Check each line of the entries. Copy the ones that contain the string "Markdown".

---- Records to use

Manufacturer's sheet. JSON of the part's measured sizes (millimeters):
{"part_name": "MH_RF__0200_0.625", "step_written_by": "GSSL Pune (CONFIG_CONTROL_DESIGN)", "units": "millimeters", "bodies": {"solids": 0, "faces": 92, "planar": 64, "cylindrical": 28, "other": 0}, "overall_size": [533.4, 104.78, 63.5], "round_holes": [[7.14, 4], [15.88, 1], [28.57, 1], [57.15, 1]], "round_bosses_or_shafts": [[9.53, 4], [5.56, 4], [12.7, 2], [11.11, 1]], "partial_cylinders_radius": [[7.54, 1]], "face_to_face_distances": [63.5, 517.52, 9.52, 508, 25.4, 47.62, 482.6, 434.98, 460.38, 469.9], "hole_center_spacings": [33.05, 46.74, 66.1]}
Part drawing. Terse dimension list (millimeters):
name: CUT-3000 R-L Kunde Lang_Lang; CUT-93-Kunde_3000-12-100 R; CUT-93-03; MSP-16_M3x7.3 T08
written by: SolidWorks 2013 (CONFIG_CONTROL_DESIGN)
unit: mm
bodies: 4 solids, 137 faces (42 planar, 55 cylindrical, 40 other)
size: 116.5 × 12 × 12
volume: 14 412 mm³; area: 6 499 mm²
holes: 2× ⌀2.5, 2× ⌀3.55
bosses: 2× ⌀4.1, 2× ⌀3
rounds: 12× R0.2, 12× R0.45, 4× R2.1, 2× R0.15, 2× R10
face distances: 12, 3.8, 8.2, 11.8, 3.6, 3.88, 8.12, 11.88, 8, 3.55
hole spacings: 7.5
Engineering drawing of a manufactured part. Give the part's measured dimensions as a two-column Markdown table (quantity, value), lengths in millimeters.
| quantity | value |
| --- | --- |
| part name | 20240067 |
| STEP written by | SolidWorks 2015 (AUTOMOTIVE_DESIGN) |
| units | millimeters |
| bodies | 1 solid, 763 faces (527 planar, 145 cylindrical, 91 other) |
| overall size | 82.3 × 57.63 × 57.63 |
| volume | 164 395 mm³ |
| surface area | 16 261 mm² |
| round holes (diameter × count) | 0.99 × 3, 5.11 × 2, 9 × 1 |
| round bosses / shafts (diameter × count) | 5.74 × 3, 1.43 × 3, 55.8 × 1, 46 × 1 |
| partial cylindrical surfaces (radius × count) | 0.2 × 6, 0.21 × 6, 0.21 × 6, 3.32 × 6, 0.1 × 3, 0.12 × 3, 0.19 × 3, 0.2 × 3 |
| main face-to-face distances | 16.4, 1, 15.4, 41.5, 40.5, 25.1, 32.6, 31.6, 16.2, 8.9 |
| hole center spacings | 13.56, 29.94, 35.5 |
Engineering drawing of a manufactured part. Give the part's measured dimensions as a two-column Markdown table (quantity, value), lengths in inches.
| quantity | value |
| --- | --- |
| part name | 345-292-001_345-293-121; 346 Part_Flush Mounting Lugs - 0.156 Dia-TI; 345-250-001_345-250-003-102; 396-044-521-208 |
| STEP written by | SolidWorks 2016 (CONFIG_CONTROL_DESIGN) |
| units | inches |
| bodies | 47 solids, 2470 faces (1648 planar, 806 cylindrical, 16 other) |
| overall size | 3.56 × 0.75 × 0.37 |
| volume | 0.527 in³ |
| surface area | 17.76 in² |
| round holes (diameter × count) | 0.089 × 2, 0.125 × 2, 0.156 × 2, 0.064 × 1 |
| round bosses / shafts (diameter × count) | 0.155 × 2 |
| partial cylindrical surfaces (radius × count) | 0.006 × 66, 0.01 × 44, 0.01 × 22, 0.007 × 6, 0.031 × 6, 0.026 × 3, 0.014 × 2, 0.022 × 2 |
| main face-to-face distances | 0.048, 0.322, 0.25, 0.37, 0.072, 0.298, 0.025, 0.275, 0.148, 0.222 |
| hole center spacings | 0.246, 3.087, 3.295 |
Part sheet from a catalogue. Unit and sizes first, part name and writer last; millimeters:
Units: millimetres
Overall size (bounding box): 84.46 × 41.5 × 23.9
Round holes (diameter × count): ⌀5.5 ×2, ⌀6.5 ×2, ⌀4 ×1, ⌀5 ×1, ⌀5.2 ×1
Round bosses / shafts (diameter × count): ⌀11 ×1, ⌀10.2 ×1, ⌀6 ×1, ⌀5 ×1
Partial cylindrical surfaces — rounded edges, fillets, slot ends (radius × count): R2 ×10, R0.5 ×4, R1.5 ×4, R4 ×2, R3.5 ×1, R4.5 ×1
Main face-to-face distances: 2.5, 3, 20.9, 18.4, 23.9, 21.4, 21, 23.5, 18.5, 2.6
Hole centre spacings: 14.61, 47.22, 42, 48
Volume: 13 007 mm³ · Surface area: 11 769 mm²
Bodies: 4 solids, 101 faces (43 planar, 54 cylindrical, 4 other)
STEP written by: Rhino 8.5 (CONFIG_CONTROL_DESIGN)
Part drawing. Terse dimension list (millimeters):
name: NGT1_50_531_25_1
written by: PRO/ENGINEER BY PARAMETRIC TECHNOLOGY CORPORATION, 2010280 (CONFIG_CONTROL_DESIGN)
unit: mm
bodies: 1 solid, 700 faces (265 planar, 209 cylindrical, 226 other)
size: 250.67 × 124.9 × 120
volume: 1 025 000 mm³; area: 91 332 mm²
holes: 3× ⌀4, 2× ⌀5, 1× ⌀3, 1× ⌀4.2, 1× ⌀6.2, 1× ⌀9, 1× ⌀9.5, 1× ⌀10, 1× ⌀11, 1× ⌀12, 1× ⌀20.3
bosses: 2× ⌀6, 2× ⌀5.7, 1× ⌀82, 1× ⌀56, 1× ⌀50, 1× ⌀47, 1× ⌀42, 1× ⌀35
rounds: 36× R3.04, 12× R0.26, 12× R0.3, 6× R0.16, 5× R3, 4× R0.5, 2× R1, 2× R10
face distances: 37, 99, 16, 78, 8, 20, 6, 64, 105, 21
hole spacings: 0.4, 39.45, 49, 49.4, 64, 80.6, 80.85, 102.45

--------

# Task response
Engineering drawing of a manufactured part. Give the part's measured dimensions as a two-column Markdown table (quantity, value), lengths in millimeters.
Engineering drawing of a manufactured part. Give the part's measured dimensions as a two-column Markdown table (quantity, value), lengths in inches.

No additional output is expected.